→ Problem details
The answer must consist of every line in the data that contains "linework".

Records from a data source
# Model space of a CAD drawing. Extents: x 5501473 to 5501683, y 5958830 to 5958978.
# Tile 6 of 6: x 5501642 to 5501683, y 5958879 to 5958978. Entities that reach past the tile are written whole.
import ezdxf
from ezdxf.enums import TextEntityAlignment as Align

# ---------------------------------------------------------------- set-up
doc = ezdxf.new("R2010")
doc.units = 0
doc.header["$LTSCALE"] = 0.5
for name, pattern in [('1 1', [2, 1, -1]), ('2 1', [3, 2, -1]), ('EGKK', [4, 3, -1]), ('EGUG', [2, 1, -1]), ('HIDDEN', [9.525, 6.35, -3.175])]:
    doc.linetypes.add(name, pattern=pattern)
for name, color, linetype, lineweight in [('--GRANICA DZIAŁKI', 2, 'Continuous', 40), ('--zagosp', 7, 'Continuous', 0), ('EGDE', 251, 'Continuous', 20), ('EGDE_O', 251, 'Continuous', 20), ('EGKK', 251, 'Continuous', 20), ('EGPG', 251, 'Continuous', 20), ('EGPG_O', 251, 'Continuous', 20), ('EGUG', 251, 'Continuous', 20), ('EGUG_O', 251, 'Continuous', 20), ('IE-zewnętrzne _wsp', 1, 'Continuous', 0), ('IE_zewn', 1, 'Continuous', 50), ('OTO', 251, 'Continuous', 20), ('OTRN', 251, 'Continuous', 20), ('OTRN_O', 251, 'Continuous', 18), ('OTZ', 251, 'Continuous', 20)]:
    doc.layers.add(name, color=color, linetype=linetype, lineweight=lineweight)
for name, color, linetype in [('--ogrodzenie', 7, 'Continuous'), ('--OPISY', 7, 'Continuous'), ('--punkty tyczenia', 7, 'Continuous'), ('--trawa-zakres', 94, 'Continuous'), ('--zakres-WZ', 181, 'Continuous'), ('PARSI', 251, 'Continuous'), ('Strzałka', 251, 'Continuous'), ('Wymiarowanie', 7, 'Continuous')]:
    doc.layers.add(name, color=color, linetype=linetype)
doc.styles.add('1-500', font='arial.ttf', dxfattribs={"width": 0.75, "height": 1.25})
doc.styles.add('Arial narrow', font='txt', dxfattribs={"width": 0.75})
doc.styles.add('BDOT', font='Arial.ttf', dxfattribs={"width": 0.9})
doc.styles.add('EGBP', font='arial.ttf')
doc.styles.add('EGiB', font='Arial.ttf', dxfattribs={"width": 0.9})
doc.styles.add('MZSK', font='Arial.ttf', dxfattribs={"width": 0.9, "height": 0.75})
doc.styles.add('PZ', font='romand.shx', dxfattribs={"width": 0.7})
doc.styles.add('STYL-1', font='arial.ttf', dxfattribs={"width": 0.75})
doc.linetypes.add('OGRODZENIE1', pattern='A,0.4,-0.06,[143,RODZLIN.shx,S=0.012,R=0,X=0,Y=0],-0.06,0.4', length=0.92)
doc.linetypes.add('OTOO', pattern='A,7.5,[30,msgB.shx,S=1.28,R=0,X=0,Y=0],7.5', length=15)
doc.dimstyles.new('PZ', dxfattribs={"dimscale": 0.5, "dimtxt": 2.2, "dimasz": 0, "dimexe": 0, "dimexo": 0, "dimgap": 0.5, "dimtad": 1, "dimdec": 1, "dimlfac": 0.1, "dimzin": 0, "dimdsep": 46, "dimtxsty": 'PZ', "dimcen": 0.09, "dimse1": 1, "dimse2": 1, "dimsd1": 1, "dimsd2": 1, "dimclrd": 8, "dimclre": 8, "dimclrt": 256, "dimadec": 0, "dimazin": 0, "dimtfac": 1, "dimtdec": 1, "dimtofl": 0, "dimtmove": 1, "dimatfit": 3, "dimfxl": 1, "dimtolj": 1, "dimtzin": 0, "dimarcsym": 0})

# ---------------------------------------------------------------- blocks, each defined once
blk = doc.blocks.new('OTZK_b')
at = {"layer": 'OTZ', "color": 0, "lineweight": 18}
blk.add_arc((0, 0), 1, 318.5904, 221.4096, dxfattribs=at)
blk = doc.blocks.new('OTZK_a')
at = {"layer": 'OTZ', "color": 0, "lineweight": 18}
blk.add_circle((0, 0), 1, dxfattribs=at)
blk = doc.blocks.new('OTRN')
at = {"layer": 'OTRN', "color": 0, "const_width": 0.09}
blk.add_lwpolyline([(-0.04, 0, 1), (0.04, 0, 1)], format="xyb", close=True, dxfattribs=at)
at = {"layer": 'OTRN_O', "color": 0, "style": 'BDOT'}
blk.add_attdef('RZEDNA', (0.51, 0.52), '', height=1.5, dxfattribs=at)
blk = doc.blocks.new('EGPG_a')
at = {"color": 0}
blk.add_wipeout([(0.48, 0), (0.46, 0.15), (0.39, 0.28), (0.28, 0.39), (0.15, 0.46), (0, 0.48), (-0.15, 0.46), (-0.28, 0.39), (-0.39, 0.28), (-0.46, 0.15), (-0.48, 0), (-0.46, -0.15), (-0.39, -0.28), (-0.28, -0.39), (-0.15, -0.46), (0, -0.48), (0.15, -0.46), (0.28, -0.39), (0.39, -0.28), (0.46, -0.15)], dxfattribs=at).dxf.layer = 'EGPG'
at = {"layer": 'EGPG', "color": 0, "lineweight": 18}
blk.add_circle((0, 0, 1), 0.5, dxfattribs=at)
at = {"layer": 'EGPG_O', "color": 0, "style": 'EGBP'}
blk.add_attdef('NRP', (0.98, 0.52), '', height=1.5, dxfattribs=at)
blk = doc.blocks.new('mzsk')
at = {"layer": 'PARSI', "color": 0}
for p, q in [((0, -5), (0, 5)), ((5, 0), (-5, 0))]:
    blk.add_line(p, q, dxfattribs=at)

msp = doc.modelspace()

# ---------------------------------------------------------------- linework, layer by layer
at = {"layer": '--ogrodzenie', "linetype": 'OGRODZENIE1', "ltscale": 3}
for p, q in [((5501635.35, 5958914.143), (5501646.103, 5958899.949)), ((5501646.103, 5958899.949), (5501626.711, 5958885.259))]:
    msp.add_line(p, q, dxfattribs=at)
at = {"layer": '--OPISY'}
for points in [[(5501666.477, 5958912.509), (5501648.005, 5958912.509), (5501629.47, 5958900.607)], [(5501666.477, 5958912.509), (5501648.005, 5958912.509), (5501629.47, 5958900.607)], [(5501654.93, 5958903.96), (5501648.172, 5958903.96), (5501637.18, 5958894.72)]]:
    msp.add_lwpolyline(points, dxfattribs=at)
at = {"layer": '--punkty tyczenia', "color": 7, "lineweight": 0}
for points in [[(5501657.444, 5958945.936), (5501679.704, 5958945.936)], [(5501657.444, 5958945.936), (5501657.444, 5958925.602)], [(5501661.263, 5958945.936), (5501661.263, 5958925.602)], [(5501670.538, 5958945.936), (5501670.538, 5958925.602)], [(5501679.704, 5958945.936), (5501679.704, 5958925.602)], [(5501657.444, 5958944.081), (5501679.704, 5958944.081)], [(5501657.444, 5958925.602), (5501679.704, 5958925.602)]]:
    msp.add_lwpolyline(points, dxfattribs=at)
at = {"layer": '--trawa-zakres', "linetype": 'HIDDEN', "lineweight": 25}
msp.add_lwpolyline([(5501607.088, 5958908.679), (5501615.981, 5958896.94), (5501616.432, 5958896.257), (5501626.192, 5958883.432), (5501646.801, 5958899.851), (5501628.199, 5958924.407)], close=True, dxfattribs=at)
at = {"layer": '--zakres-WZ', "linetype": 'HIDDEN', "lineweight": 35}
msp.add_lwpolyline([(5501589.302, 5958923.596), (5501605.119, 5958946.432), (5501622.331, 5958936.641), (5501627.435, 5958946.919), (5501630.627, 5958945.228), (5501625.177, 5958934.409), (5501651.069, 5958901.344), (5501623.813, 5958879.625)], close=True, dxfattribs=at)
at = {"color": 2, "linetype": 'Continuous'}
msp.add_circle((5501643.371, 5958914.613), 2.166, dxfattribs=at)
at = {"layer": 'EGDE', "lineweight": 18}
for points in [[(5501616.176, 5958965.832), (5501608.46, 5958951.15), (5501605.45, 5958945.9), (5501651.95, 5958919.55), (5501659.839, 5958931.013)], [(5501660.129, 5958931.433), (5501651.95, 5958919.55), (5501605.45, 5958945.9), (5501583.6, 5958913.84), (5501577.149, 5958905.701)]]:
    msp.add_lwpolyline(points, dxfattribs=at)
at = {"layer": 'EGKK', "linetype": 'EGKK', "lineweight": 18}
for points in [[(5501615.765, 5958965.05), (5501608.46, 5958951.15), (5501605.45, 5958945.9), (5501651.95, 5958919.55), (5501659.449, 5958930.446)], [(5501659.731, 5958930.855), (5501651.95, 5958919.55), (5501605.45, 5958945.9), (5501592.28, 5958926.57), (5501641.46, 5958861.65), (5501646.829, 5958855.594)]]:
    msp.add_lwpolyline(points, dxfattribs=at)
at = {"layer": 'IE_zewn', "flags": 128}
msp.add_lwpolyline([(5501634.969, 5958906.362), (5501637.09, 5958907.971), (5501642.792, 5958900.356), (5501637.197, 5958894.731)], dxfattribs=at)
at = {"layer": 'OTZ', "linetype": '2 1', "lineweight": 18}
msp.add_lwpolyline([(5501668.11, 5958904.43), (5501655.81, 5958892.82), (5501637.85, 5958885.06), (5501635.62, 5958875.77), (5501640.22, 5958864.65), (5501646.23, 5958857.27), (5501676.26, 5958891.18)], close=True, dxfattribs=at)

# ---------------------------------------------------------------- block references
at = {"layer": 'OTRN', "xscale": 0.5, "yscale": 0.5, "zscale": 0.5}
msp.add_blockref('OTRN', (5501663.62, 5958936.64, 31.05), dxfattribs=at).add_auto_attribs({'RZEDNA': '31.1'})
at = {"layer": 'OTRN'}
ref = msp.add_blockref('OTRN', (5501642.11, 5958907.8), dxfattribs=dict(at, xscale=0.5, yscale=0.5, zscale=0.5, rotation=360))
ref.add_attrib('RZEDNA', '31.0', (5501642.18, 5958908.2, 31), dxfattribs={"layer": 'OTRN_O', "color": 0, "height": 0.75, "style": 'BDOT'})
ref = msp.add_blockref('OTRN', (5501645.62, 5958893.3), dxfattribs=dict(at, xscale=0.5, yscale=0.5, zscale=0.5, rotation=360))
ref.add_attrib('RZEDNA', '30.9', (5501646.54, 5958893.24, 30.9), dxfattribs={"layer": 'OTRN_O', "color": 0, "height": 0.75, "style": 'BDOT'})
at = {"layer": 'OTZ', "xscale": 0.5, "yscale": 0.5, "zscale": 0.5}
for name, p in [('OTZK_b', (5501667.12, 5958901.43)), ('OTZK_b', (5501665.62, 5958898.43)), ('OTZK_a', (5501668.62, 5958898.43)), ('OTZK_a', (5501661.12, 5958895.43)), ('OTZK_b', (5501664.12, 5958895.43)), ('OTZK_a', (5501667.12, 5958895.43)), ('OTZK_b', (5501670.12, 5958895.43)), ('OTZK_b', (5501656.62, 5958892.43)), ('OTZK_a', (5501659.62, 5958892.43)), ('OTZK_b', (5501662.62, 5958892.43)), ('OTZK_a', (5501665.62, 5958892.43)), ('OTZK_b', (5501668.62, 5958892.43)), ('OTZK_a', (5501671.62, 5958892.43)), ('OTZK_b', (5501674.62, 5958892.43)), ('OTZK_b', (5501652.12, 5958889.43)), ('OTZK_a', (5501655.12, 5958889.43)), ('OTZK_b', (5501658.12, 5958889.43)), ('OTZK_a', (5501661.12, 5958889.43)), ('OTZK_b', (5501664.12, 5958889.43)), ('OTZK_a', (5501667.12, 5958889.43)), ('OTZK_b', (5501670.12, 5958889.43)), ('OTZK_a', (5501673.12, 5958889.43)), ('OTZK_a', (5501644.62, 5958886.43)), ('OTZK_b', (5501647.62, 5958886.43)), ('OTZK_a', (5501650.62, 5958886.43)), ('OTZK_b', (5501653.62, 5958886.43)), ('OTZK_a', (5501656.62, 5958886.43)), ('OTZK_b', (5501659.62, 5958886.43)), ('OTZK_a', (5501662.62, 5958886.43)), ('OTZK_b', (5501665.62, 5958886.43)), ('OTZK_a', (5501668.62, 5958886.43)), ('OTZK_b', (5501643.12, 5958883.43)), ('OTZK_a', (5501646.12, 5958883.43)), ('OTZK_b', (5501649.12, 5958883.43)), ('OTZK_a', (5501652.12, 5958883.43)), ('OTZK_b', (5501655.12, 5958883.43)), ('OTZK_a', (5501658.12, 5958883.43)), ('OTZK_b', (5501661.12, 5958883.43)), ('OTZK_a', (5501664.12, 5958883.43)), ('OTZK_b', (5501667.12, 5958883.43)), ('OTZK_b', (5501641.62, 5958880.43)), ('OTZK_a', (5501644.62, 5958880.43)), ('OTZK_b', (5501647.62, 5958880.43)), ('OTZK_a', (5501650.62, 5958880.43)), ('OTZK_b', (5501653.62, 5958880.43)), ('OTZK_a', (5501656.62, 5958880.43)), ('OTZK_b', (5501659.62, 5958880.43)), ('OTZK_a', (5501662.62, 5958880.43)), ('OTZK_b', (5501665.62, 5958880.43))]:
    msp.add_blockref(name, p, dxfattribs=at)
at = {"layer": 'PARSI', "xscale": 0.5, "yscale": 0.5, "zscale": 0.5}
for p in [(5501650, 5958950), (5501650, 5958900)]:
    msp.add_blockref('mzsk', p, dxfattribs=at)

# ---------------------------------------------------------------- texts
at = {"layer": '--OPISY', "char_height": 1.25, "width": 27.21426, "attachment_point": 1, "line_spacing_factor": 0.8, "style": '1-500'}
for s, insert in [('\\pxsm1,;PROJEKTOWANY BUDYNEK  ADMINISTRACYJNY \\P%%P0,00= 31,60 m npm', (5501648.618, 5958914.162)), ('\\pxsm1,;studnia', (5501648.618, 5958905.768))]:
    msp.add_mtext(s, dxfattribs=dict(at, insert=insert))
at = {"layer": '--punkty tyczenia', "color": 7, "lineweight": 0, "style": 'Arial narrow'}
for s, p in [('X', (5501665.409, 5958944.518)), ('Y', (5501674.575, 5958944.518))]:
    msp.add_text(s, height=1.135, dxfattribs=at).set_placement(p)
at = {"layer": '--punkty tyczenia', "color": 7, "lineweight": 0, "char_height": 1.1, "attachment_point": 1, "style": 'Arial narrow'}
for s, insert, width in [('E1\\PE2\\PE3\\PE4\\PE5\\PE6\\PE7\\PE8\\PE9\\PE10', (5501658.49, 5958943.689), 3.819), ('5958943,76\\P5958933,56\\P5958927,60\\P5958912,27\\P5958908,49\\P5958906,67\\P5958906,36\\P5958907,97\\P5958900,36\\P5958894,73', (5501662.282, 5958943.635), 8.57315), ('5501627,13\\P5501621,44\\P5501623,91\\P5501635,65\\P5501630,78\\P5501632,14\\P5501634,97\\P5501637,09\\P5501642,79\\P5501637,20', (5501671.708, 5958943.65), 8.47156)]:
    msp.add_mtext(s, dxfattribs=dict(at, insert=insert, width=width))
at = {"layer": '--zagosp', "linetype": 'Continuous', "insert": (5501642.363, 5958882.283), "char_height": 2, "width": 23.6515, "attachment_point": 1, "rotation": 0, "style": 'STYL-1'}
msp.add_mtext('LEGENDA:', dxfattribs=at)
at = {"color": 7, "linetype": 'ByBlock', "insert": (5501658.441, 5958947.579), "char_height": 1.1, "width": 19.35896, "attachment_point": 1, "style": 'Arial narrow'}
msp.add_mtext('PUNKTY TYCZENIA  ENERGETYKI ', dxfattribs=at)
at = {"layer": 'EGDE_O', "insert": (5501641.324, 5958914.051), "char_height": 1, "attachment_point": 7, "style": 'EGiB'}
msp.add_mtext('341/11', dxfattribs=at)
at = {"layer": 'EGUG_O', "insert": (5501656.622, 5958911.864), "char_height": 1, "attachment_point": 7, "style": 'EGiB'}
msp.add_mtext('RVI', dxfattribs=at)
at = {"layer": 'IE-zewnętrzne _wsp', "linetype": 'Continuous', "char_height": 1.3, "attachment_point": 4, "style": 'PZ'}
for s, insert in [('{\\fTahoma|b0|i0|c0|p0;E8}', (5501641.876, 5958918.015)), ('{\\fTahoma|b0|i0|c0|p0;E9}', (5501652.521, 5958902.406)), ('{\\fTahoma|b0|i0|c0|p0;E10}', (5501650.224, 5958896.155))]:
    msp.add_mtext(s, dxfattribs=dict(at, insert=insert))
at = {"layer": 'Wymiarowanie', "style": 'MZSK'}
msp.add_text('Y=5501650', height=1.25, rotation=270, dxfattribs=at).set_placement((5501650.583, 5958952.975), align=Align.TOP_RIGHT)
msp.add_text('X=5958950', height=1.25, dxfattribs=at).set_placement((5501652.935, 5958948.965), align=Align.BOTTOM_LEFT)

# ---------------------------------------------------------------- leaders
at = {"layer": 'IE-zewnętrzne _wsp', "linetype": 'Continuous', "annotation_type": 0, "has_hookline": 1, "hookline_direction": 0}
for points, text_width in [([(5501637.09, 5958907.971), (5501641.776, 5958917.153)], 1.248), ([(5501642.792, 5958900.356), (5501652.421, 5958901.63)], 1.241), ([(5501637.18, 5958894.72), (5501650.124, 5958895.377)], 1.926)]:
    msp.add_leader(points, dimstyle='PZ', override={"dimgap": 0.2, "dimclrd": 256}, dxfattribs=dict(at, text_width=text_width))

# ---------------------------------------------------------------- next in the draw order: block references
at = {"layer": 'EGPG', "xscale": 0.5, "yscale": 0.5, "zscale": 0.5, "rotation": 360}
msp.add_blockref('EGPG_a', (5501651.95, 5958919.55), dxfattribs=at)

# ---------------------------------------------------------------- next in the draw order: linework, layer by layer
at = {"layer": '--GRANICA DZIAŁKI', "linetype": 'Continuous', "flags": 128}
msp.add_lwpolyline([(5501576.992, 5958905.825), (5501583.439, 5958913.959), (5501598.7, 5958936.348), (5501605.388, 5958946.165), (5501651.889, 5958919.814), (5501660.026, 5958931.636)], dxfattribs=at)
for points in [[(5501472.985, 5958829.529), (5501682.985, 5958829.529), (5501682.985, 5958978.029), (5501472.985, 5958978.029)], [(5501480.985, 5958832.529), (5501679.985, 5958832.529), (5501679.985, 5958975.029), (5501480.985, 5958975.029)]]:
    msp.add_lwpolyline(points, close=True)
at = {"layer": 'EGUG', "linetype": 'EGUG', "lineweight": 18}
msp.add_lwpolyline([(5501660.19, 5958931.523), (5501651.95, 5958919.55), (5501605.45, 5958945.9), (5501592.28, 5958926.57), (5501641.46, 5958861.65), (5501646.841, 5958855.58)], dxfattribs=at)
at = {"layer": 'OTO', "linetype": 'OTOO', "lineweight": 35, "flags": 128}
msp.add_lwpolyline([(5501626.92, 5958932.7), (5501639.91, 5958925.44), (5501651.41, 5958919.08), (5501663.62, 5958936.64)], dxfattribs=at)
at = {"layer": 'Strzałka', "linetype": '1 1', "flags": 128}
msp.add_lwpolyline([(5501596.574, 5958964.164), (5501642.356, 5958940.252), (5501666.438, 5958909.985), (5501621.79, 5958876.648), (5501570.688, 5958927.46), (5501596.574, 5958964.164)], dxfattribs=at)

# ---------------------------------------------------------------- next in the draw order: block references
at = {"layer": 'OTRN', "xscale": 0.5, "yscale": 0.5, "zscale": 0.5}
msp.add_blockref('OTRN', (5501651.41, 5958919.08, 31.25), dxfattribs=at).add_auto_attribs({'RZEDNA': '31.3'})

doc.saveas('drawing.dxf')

→ Output for this task
# ---------------------------------------------------------------- linework, layer by layer
# ---------------------------------------------------------------- next in the draw order: linework, layer by layer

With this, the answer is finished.